Activation of Dolomite Flotation by Ferrous Hydroxide and Carbonate

Abstract

The major problem with Carlin-type gold deposit flotation is that the high dolomite content in the concentrate decreases the quality of gold. Further, the activation mechanisms involved in dolomite flotation are still not fully understood. Herein, the correlation of Fe2+ conversion with xanthate adsorption and dolomite flotation was investigated to reveal the effect of dolomite embedded with pyrite. Flotation tests suggested that Fe2+ rather than Fe3+ improved the floatability of dolomite from 20% to 45%. Contact angles and thermodynamic tests indicated that the hydrophobicity of Fe2+-modified dolomite corresponds to the adsorption of xanthate.

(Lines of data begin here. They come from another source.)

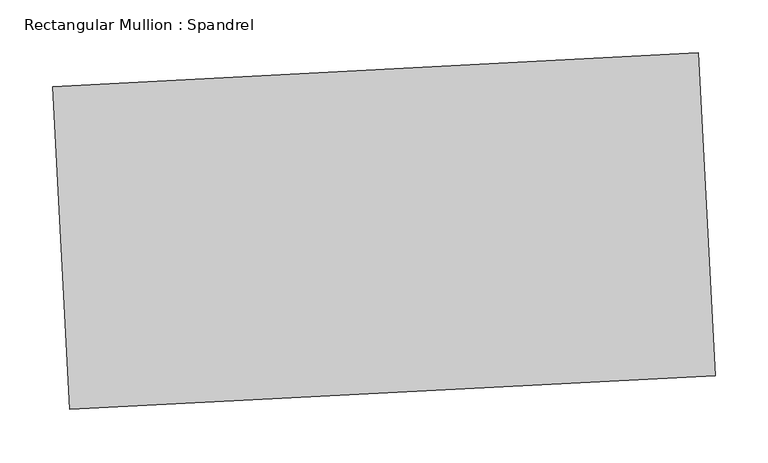
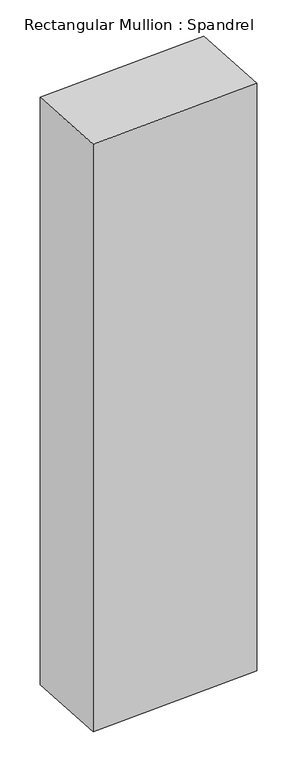
"""IFC4 building model written with IfcOpenShell, lengths in millimetres: member geometry, Rectangular Mullion : Spandrel."""

from ifc_helpers import new_model, si_unit, frame, origin, place, context, project, spatial, polyline, outline, extrude, source, transform, mapped, element, save


def rectangular_mullion_spandrel_39493fd7(model_context):
    return source(origin(), model_context, "Body", "SweptSolid", [
        extrude(outline(polyline([(-617.1582819, 136.2391416), (-8.3937175, 168.1431406), (7.5582819, -136.2391416), (-601.2062825, -168.1431406), (-617.1582819, 136.2391416)])), frame((0.0, 0.0, -2238.2640239), z_axis=(0.0, 0.0, 1.0), x_axis=(1.0, 0.0, 0.0)), (0.0, 0.0, 1.0), 2238.2640239),
    ])


if __name__ == "__main__":
    model = new_model("IFC4")
    model_context = context("Model", 3, world=origin())
    ifc_project = project(units=[si_unit("LENGTHUNIT", "METRE", prefix="MILLI")], contexts=[model_context])
    site = spatial("IfcSite", under=ifc_project)
    building = spatial("IfcBuilding", under=site)
    placement = place(None, origin())
    rectangular_mullion_spandrel_shape = rectangular_mullion_spandrel_39493fd7(model_context)
    element("IfcMember", 1, ObjectType="Rectangular Mullion : Spandrel", at=placement, inside=building, context=model_context, shape_type="MappedRepresentation", body=[
        mapped(rectangular_mullion_spandrel_shape, transform((0.0, 0.0, 0.0), x_axis=(1.0, 0.0, 0.0), y_axis=(0.0, 1.0, 0.0), z_axis=(0.0, 0.0, 1.0))),
    ])
    save(model, "model.ifc")

# Revit data of these elements
# Type "Rectangular Mullion : Spandrel"
#   built-in parameter 1007304 = 1 (stored number, unit not read)
#   built-in parameter 1007301 = 1 (stored number, unit not read)
#   built-in parameter 1007300 = 1 (stored number, unit not read)
# Element 1 (IfcMember, "Rectangular Mullion : Spandrel")
#   Materials on its faces: "Aluminum"
# Materials
#   "Aluminum": class "Metal", colour RGB 247 247 247, transparency 0, Description = "Aluminum 6061", Cost = 0

Importantly, time-of-flight secondary ion mass spectroscopy (Tof-SIMS) and x-ray photoelectron spectroscopy (XPS) attributed the activation of dolomite flotation to the formation of Fe(OH)2 and FeCO3. The coordination model of flotation successfully elucidated the selective adsorption of xanthate between Fe(OH)2, FeCO3 and FeOOH surfaces. The density function theory (DFT) simulation calculation was performed to identify the reaction rate at the atomic level, and the density of states (DOS) was also conducted to verify the conclusions at the electronic level. This study presents important surface chemistry evidence for understanding and regulating the poor selectivity in the flotation of Carlin-type gold deposits.